WO2005000895A2 (Regeneron Pharmaceuticals, Inc.): "VEGF traps and therapeutic uses thereof" (Published 2005-01-06).
US6676941 (Genentech, Inc.): "Ophthalmic formulation of a VEGF antibody" (Published 2001-01-09).
US20030138417A1 (Kaisheva Elizabet A.): "Stable liquid pharmaceutical formulation of IgG antibodies" (Published 2003-07-24).
WO2006047325A1 (Genentech, Inc.): "Method for treating intraocular neovascular diseases" (Published 2006-05-04).

Obviousness Combination and Rationale

A PHOSITA would have been motivated to combine the teachings of WO2005000895A2 and US6676941, supplemented by general knowledge of protein formulation (e.g., US20030138417A1) and intravitreal administration (e.g., WO2006047325A1), to arrive at the claimed invention.

1. Teaching of the VEGF Antagonist (WO2005000895A2):
WO2005000895A2, assigned to the same entity (Regeneron) as US11084865, teaches the vascular endothelial growth factor (VEGF) antagonist fusion protein, specifically "VEGF traps," and their therapeutic uses. The specification of US11084865 explicitly refers to "VEGF trap" described in Kim et al. (2002) and Holash et al. (2002), and states that "the fusion protein has the amino acid sequence of SEQ ID NO:2 or SEQ ID NO:4. Preferably, the VEGF antagonist is a dimer comprising two fusion proteins of SEQ ID NO:4." WO2005000895A2 would have disclosed the VEGF trap of SEQ ID NO:4, its structural details including comprising amino acids 27-457, and its production in mammalian cells (e.g., CHO cells), thereby imparting glycosylation. Thus, the active pharmaceutical ingredient, its glycosylated nature, and its specific amino acid sequence would be known from this prior art.

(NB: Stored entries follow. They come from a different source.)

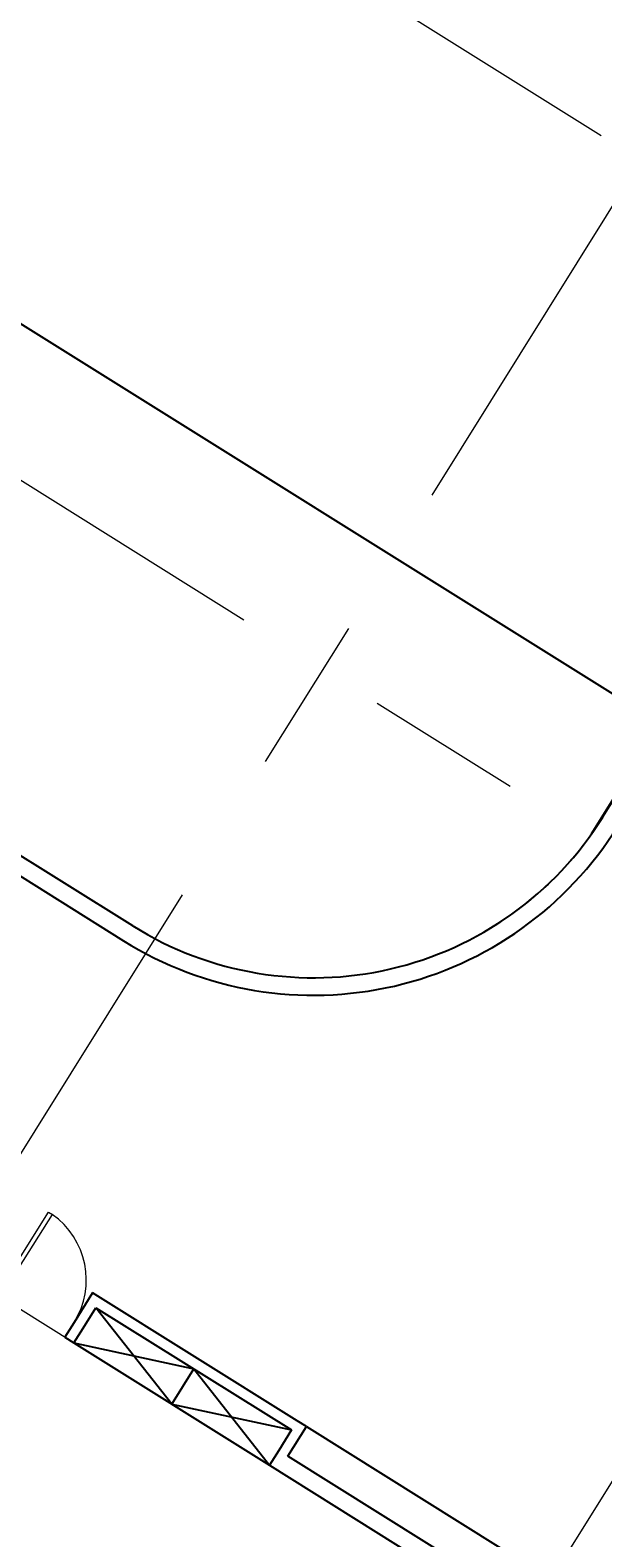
# Model space of a CAD drawing. Header units: inches. Extents: x 21 to 178, y 12 to 156.
# Tile 15 of 25: x 109 to 121, y 44 to 75. Entities that reach past the tile are written whole.
import ezdxf

# ---------------------------------------------------------------- set-up
doc = ezdxf.new("R2010")
doc.units = ezdxf.units.IN
doc.header["$MEASUREMENT"] = 0
doc.linetypes.add('Grid Line', pattern=[22.225, 12.7, -3.175, 3.175, -3.175])
for name, color, linetype, lineweight in [('A-DETL-MEDM', 33, 'Continuous', 25), ('A-DOOR', 31, 'Continuous', 9), ('A-FLOR', 192, 'Continuous', 13), ('A-WALL', 113, 'Continuous', 9), ('I-WALL', 2, 'Continuous', 18), ('S-GRID', 1, 'Continuous', 9)]:
    doc.layers.add(name, color=color, linetype=linetype, lineweight=lineweight)
doc.styles.get("Standard").update_dxf_attribs({"font": 'arial.ttf'})
doc.dimstyles.get("Standard").update_dxf_attribs({"dimtxt": 0.18, "dimasz": 0.18, "dimexe": 0.18, "dimexo": 0.0625, "dimgap": 0.09, "dimtad": 0, "dimtih": 1, "dimtoh": 1, "dimdec": 4, "dimzin": 0, "dimdsep": 46, "dimtxsty": 'Standard', "dimcen": 0.09, "dimadec": 0, "dimazin": 0, "dimtfac": 1, "dimtdec": 4, "dimtofl": 0, "dimtmove": 0, "dimatfit": 3, "dimfxl": 1, "dimtolj": 1, "dimtzin": 0, "dimarcsym": 0})

# ---------------------------------------------------------------- blocks, each defined once
blk = doc.blocks.new('M_Single-Flush - 0915 x 2134mm-303387-_منفی')
at = {"layer": 'A-DOOR', "lineweight": 18}
for p, q in [((406, -100), (406, -1015)), ((458, -100), (406, -100)), ((458, -100), (458, -1015)), ((458, -1015), (406, -1015))]:
    blk.add_line(p, q, dxfattribs=at)
at = {"layer": 'A-DOOR'}
blk.add_arc((458, -100), 917, 180, 266.8107, dxfattribs=at)
blk = doc.blocks.new('*D149')
at = {"color": 0, "lineweight": -2, "transparency": 16777216}
for p, q in [((54.675, 62.301), (58.362, 68.201)), ((58.419, 67.953), (91.104, 47.529)), ((124.371, 26.742), (91.686, 47.166)), ((120.932, 20.899), (124.619, 26.799))]:
    blk.add_line(p, q, dxfattribs=at)
at = {"color": 0, "transparency": 16777216}
for points in [[(58.435, 67.979), (58.403, 67.928), (58.266, 68.048)], [(124.387, 26.767), (124.355, 26.716), (124.524, 26.646)]]:
    blk.add_solid(points, dxfattribs=at)
at = {"layer": 'Defpoints', "color": 0, "transparency": 16777216}
for p in [(58.266, 68.048), (54.642, 62.248), (120.899, 20.846)]:
    blk.add_point(p, dxfattribs=at)
at = {"color": 0, "transparency": 16777216, "insert": (91.395, 47.347), "char_height": 0.18, "attachment_point": 5}
blk.add_mtext('\\A1;78.1291', dxfattribs=at)
blk = doc.blocks.new('*D122')
at = {"color": 0, "lineweight": -2, "transparency": 16777216}
for p, q in [((76.868, 86.019), (78.354, 88.397)), ((78.411, 88.149), (99.881, 74.733)), ((121.934, 60.952), (100.464, 74.369)), ((120.697, 58.632), (122.182, 61.01))]:
    blk.add_line(p, q, dxfattribs=at)
at = {"color": 0, "transparency": 16777216}
for points in [[(78.427, 88.174), (78.395, 88.123), (78.258, 88.244)], [(121.95, 60.978), (121.918, 60.927), (122.087, 60.857)]]:
    blk.add_solid(points, dxfattribs=at)
at = {"layer": 'Defpoints', "color": 0, "transparency": 16777216}
for p in [(76.835, 85.966), (122.087, 60.857), (120.664, 58.579)]:
    blk.add_point(p, dxfattribs=at)
at = {"color": 0, "transparency": 16777216, "insert": (100.173, 74.551), "char_height": 0.18, "attachment_point": 5}
blk.add_mtext('\\A1;51.6820', dxfattribs=at)

msp = doc.modelspace()

# ---------------------------------------------------------------- linework, layer by layer
at = {"layer": 'A-DETL-MEDM'}
for p, q in [((112.2087, 47.10741), (110.67638, 49.0549)), ((110.23148, 48.34292), (114.18593, 45.87191)), ((110.23148, 48.34292), (112.6536, 47.8194)), ((112.2087, 47.10741), (112.6536, 47.8194)), ((112.6536, 47.8194), (114.18593, 45.87191)), ((112.2087, 47.10741), (114.63082, 46.58389)), ((114.93383, 46.65518), (130.82254, 36.72681))]:
    msp.add_line(p, q, dxfattribs=at)
at = {"layer": 'A-FLOR'}
msp.add_line((130.48924, 74.27407), (120.9218, 58.96295), dxfattribs=at)
for start, end in [(238, 328), (324.817708, 326.396174), (321.602237, 323.179602), (315.171296, 316.746187), (318.386766, 319.962943), (311.955825, 313.529321), (308.740354, 310.312332), (305.524884, 307.095201), (299.093942, 300.660427), (302.309413, 303.877908), (295.878472, 297.44273), (289.447531, 291.006524), (292.663001, 294.224777), (276.585648, 278.129057), (279.801119, 281.34929), (283.016589, 284.568866), (286.23206, 287.787912)]:
    msp.add_arc((115.07557, 62.61608), 6.89374, start, end, dxfattribs=at)
at = {"layer": 'A-WALL', "lineweight": 25}
for p, q in [((111.42244, 56.76985), (106.77544, 59.67362)), ((106.5881, 59.37382), (111.2351, 56.47005)), ((110.23294, 48.75888), (110.0456, 48.45907)), ((110.0456, 48.45907), (110.23148, 48.34292)), ((110.23148, 48.34292), (110.41882, 48.64273)), ((114.37327, 46.17171), (114.18593, 45.87191)), ((130.44786, 36.1272), (114.55915, 46.05556)), ((114.18593, 45.87191), (130.26052, 35.82739))]:
    msp.add_line(p, q, dxfattribs=at)
for radius in [6.89374, 7.24727]:
    msp.add_arc((115.07557, 62.61608), radius, 238, 328.066298, dxfattribs=at)
at = {"layer": 'I-WALL', "lineweight": 25}
for p, q in [((110.60665, 49.35693), (110.23294, 48.75888)), ((114.74697, 46.76977), (110.60665, 49.35693)), ((110.41882, 48.64273), (110.67638, 49.0549)), ((110.67638, 49.0549), (114.63082, 46.58389)), ((114.55915, 46.05556), (114.93383, 46.65518)), ((114.74795, 46.77133), (114.74697, 46.76977)), ((114.93383, 46.65518), (114.74795, 46.77133)), ((114.63082, 46.58389), (114.37327, 46.17171))]:
    msp.add_line(p, q, dxfattribs=at)
at = {"layer": 'S-GRID', "linetype": 'Grid Line'}
for p, q in [((158.58655, 49.18235), (47.19196, 118.78942)), ((93.91678, 27.78018), (149.85559, 117.30099)), ((105.74353, 20.94228), (161.68234, 110.46309)), ((151.36569, 39.39419), (39.97111, 109.00126)), ((144.15389, 27.14585), (32.7593, 96.75291))]:
    msp.add_line(p, q, dxfattribs=at)

# ---------------------------------------------------------------- block references
at = {"layer": 'A-DOOR', "xscale": 0.00176762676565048, "yscale": 0.00176762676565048, "zscale": 0.00176762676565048, "rotation": 147.9999999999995}
msp.add_blockref('M_Single-Flush - 0915 x 2134mm-303387-_منفی', (109.45346, 49.03751), dxfattribs=at)

# ---------------------------------------------------------------- dimensions: what is measured, and where the dimension line sits
at = {"color": 6}
for p1, p2, distance, picture, middle in [((76.83477, 85.96628), (120.66357, 58.57901), 2.68611, '*D122', (100.1726, 74.5506)), ((120.8989, 20.84567), (54.64166, 62.24778), -6.84007, '*D149', (91.39496, 47.34743))]:
    dim = msp.add_aligned_dim(p1=p1, p2=p2, distance=distance, dimstyle='Standard', dxfattribs=at)
    dim.commit()
    dim.dimension.update_dxf_attribs({"geometry": picture, "text_midpoint": middle})

doc.saveas('drawing.dxf')

2. Teaching of Stable Ophthalmic Formulations for VEGF Antagonists (US6676941):
US6676941 describes stable aqueous pharmaceutical formulations of anti-VEGF antibodies suitable for ophthalmic use and intravitreal administration. This patent specifically teaches a formulation comprising:

A VEGF antagonist (an antibody in this case, but still a large therapeutic protein targeting VEGF).
A buffer (e.g., histidine buffer, phosphate buffer).
A salt (e.g., NaCl) as a tonicity agent.
A polysorbate (e.g., polysorbate 20 or polysorbate 80) as an organic co-solvent.
A sugar (e.g., trehalose, sucrose) as a stabilizing agent.
Suitable pH ranges (e.g., between 5.5 and 7.0, which overlaps with the claimed pH of 5.8-7.0 in US11084865).

The patent further emphasizes the importance of stability for these protein formulations.

3. Motivation to Combine:
A PHOSITA, aware of the therapeutic potential of the VEGF trap (SEQ ID NO:4) from WO2005000895A2 for treating ocular conditions involving neovascularization (a known use for VEGF antagonists reinforced by WO2006047325A1), would have been strongly motivated to develop a stable pharmaceutical formulation for its intravitreal administration.

US6676941 provides direct guidance and a proven template for formulating a stable VEGF antagonist for ophthalmic and intravitreal use. Given that both the VEGF antibody (in US6676941) and the VEGF trap (in WO2005000895A2) are large therapeutic proteins designed to inhibit VEGF, a PHOSITA would reasonably expect similar formulation challenges and solutions to ensure stability and efficacy. It would be a routine optimization for a PHOSITA to adapt the formulation components (organic co-solvent, buffer, stabilizing agent, tonicity agent) and their concentrations, as taught in US6676941, to the specific VEGF trap of SEQ ID NO:4 from WO2005000895A2.

The selection of a vial or pre-filled syringe for packaging an injectable ophthalmic formulation is a conventional choice for such products and would be within the general knowledge of a PHOSITA. The achievement of specific stability criteria, such as "at least 98% of the VEGF antagonist is present in native conformation following storage at 5° C. for two months," is a standard and expected goal in protein therapeutic formulation development, and would be achieved through routine experimentation and optimization based on the teachings of US6676941 and other protein formulation art (e.g., US20030138417A1).

Therefore, a PHOSITA would have found it obvious to combine the known VEGF antagonist (SEQ ID NO:4) from WO2005000895A2 with the established ophthalmic formulation principles for VEGF antagonists taught by US6676941, and to package it in a conventional manner, with the expectation of achieving a stable formulation through routine optimization.